● **WORK ITEM**: Go through the lines below and repeat each one exactly, skipping pictures.

● **DATA LISTING**:
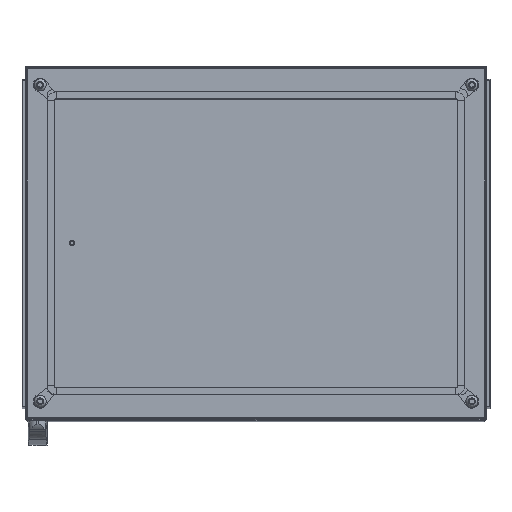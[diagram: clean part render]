
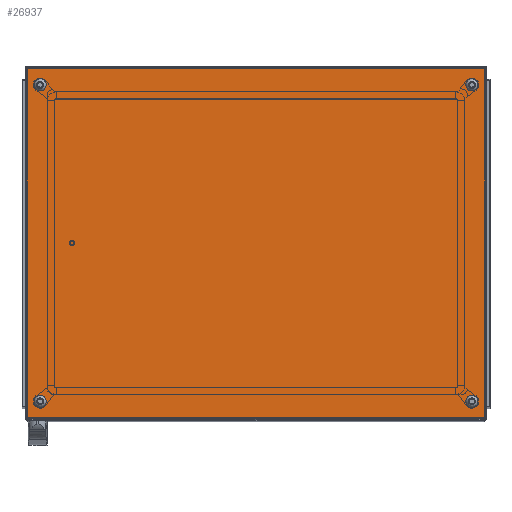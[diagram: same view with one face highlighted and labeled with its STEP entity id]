
A CAD part, top view. The second image highlights one B-rep face of the part: STEP entity #26937.
In plain terms, the highlighted planar face has unit normal (0, 0, 1).
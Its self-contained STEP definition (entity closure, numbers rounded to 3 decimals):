
#1335=CIRCLE('',#28934,6.);
#1336=CIRCLE('',#28935,6.);
#1337=CIRCLE('',#28936,6.);
#1338=CIRCLE('',#28937,6.);
#5091=ORIENTED_EDGE('',*,*,#11485,.F.);
#5092=ORIENTED_EDGE('',*,*,#11486,.F.);
#5093=ORIENTED_EDGE('',*,*,#11487,.F.);
#5094=ORIENTED_EDGE('',*,*,#11488,.F.);
#5095=ORIENTED_EDGE('',*,*,#11474,.T.);
#5096=ORIENTED_EDGE('',*,*,#11482,.T.);
#5097=ORIENTED_EDGE('',*,*,#11445,.F.);
#5098=ORIENTED_EDGE('',*,*,#11489,.F.);
#11445=EDGE_CURVE('',#14877,#14878,#17565,.T.);
#11474=EDGE_CURVE('',#14899,#14898,#17571,.T.);
#11482=EDGE_CURVE('',#14898,#14878,#17576,.T.);
#11485=EDGE_CURVE('',#14900,#14900,#1335,.T.);
#11486=EDGE_CURVE('',#14901,#14901,#1336,.T.);
#11487=EDGE_CURVE('',#14902,#14902,#1337,.T.);
#11488=EDGE_CURVE('',#14903,#14903,#1338,.T.);
#11489=EDGE_CURVE('',#14899,#14877,#17579,.T.);
#14877=VERTEX_POINT('',#42065);
#14878=VERTEX_POINT('',#42067);
#14898=VERTEX_POINT('',#42141);
#14899=VERTEX_POINT('',#42143);
#14900=VERTEX_POINT('',#42160);
#14901=VERTEX_POINT('',#42162);
#14902=VERTEX_POINT('',#42164);
#14903=VERTEX_POINT('',#42166);
#17565=LINE('',#42066,#19910);
#17571=LINE('',#42142,#19916);
#17576=LINE('',#42154,#19921);
#17579=LINE('',#42167,#19924);
#19910=VECTOR('',#33714,1000.);
#19916=VECTOR('',#33768,1000.);
#19921=VECTOR('',#33785,1000.);
#19924=VECTOR('',#33800,1000.);
#21953=EDGE_LOOP('',(#5091));
#21954=EDGE_LOOP('',(#5092));
#21955=EDGE_LOOP('',(#5093));
#21956=EDGE_LOOP('',(#5094));
#21957=EDGE_LOOP('',(#5095,#5096,#5097,#5098));
#24160=FACE_BOUND('',#21953,.T.);
#24161=FACE_BOUND('',#21954,.T.);
#24162=FACE_BOUND('',#21955,.T.);
#24163=FACE_BOUND('',#21956,.T.);
#24164=FACE_BOUND('',#21957,.T.);
#26024=PLANE('',#28933);
#26937=ADVANCED_FACE('',(#24160,#24161,#24162,#24163,#24164),#26024,.T.);
#28933=AXIS2_PLACEMENT_3D('',#42158,#33790,#33791);
#28934=AXIS2_PLACEMENT_3D('',#42159,#33792,#33793);
#28935=AXIS2_PLACEMENT_3D('',#42161,#33794,#33795);
#28936=AXIS2_PLACEMENT_3D('',#42163,#33796,#33797);
#28937=AXIS2_PLACEMENT_3D('',#42165,#33798,#33799);
#33714=DIRECTION('',(-1.,0.,0.));
#33768=DIRECTION('',(-1.,0.,0.));
#33785=DIRECTION('',(0.,-1.,0.));
#33790=DIRECTION('',(0.,0.,1.));
#33791=DIRECTION('',(1.,0.,0.));
#33792=DIRECTION('',(0.,0.,1.));
#33793=DIRECTION('',(1.,0.,0.));
#33794=DIRECTION('',(0.,0.,1.));
#33795=DIRECTION('',(1.,0.,0.));
#33796=DIRECTION('',(0.,0.,1.));
#33797=DIRECTION('',(1.,0.,0.));
#33798=DIRECTION('',(0.,0.,1.));
#33799=DIRECTION('',(1.,0.,0.));
#33800=DIRECTION('',(0.,-1.,0.));
#42065=CARTESIAN_POINT('',(396.5,-302.5,20.));
#42066=CARTESIAN_POINT('',(400.,-302.5,20.));
#42067=CARTESIAN_POINT('',(-396.5,-302.5,20.));
#42141=CARTESIAN_POINT('',(-396.5,302.5,20.));
#42142=CARTESIAN_POINT('',(400.,302.5,20.));
#42143=CARTESIAN_POINT('',(396.5,302.5,20.));
#42154=CARTESIAN_POINT('',(-396.5,305.5,20.));
#42158=CARTESIAN_POINT('',(-396.5,-302.5,20.));
#42159=CARTESIAN_POINT('',(374.5,-274.5,20.));
#42160=CARTESIAN_POINT('',(380.5,-274.5,20.));
#42161=CARTESIAN_POINT('',(-374.5,274.5,20.));
#42162=CARTESIAN_POINT('',(-368.5,274.5,20.));
#42163=CARTESIAN_POINT('',(374.5,274.5,20.));
#42164=CARTESIAN_POINT('',(380.5,274.5,20.));
#42165=CARTESIAN_POINT('',(-374.5,-274.5,20.));
#42166=CARTESIAN_POINT('',(-368.5,-274.5,20.));
#42167=CARTESIAN_POINT('',(396.5,305.5,20.));

● **TASK OUTPUT**:
[diagram: clean part render]
[diagram: same view with one face highlighted and labeled with its STEP entity id]
A CAD part, top view. The second image highlights one B-rep face of the part: STEP entity #26937.
In plain terms, the highlighted planar face has unit normal (0, 0, 1).
Its self-contained STEP definition (entity closure, numbers rounded to 3 decimals):
#1335=CIRCLE('',#28934,6.);
#1336=CIRCLE('',#28935,6.);
#1337=CIRCLE('',#28936,6.);
#1338=CIRCLE('',#28937,6.);
#5091=ORIENTED_EDGE('',*,*,#11485,.F.);
#5092=ORIENTED_EDGE('',*,*,#11486,.F.);
#5093=ORIENTED_EDGE('',*,*,#11487,.F.);
#5094=ORIENTED_EDGE('',*,*,#11488,.F.);
#5095=ORIENTED_EDGE('',*,*,#11474,.T.);
#5096=ORIENTED_EDGE('',*,*,#11482,.T.);
#5097=ORIENTED_EDGE('',*,*,#11445,.F.);
#5098=ORIENTED_EDGE('',*,*,#11489,.F.);
#11445=EDGE_CURVE('',#14877,#14878,#17565,.T.);
#11474=EDGE_CURVE('',#14899,#14898,#17571,.T.);
#11482=EDGE_CURVE('',#14898,#14878,#17576,.T.);
#11485=EDGE_CURVE('',#14900,#14900,#1335,.T.);
#11486=EDGE_CURVE('',#14901,#14901,#1336,.T.);
#11487=EDGE_CURVE('',#14902,#14902,#1337,.T.);
#11488=EDGE_CURVE('',#14903,#14903,#1338,.T.);
#11489=EDGE_CURVE('',#14899,#14877,#17579,.T.);
#14877=VERTEX_POINT('',#42065);
#14878=VERTEX_POINT('',#42067);
#14898=VERTEX_POINT('',#42141);
#14899=VERTEX_POINT('',#42143);
#14900=VERTEX_POINT('',#42160);
#14901=VERTEX_POINT('',#42162);
#14902=VERTEX_POINT('',#42164);
#14903=VERTEX_POINT('',#42166);
#17565=LINE('',#42066,#19910);
#17571=LINE('',#42142,#19916);
#17576=LINE('',#42154,#19921);
#17579=LINE('',#42167,#19924);
#19910=VECTOR('',#33714,1000.);
#19916=VECTOR('',#33768,1000.);
#19921=VECTOR('',#33785,1000.);
#19924=VECTOR('',#33800,1000.);
#21953=EDGE_LOOP('',(#5091));
#21954=EDGE_LOOP('',(#5092));
#21955=EDGE_LOOP('',(#5093));
#21956=EDGE_LOOP('',(#5094));
#21957=EDGE_LOOP('',(#5095,#5096,#5097,#5098));
#24160=FACE_BOUND('',#21953,.T.);
#24161=FACE_BOUND('',#21954,.T.);
#24162=FACE_BOUND('',#21955,.T.);
#24163=FACE_BOUND('',#21956,.T.);
#24164=FACE_BOUND('',#21957,.T.);
#26024=PLANE('',#28933);
#26937=ADVANCED_FACE('',(#24160,#24161,#24162,#24163,#24164),#26024,.T.);
#28933=AXIS2_PLACEMENT_3D('',#42158,#33790,#33791);
#28934=AXIS2_PLACEMENT_3D('',#42159,#33792,#33793);
#28935=AXIS2_PLACEMENT_3D('',#42161,#33794,#33795);
#28936=AXIS2_PLACEMENT_3D('',#42163,#33796,#33797);
#28937=AXIS2_PLACEMENT_3D('',#42165,#33798,#33799);
#33714=DIRECTION('',(-1.,0.,0.));
#33768=DIRECTION('',(-1.,0.,0.));
#33785=DIRECTION('',(0.,-1.,0.));
#33790=DIRECTION('',(0.,0.,1.));
#33791=DIRECTION('',(1.,0.,0.));
#33792=DIRECTION('',(0.,0.,1.));
#33793=DIRECTION('',(1.,0.,0.));
#33794=DIRECTION('',(0.,0.,1.));
#33795=DIRECTION('',(1.,0.,0.));
#33796=DIRECTION('',(0.,0.,1.));
#33797=DIRECTION('',(1.,0.,0.));
#33798=DIRECTION('',(0.,0.,1.));
#33799=DIRECTION('',(1.,0.,0.));
#33800=DIRECTION('',(0.,-1.,0.));
#42065=CARTESIAN_POINT('',(396.5,-302.5,20.));
#42066=CARTESIAN_POINT('',(400.,-302.5,20.));
#42067=CARTESIAN_POINT('',(-396.5,-302.5,20.));
#42141=CARTESIAN_POINT('',(-396.5,302.5,20.));
#42142=CARTESIAN_POINT('',(400.,302.5,20.));
#42143=CARTESIAN_POINT('',(396.5,302.5,20.));
#42154=CARTESIAN_POINT('',(-396.5,305.5,20.));
#42158=CARTESIAN_POINT('',(-396.5,-302.5,20.));
#42159=CARTESIAN_POINT('',(374.5,-274.5,20.));
#42160=CARTESIAN_POINT('',(380.5,-274.5,20.));
#42161=CARTESIAN_POINT('',(-374.5,274.5,20.));
#42162=CARTESIAN_POINT('',(-368.5,274.5,20.));
#42163=CARTESIAN_POINT('',(374.5,274.5,20.));
#42164=CARTESIAN_POINT('',(380.5,274.5,20.));
#42165=CARTESIAN_POINT('',(-374.5,-274.5,20.));
#42166=CARTESIAN_POINT('',(-368.5,-274.5,20.));
#42167=CARTESIAN_POINT('',(396.5,305.5,20.));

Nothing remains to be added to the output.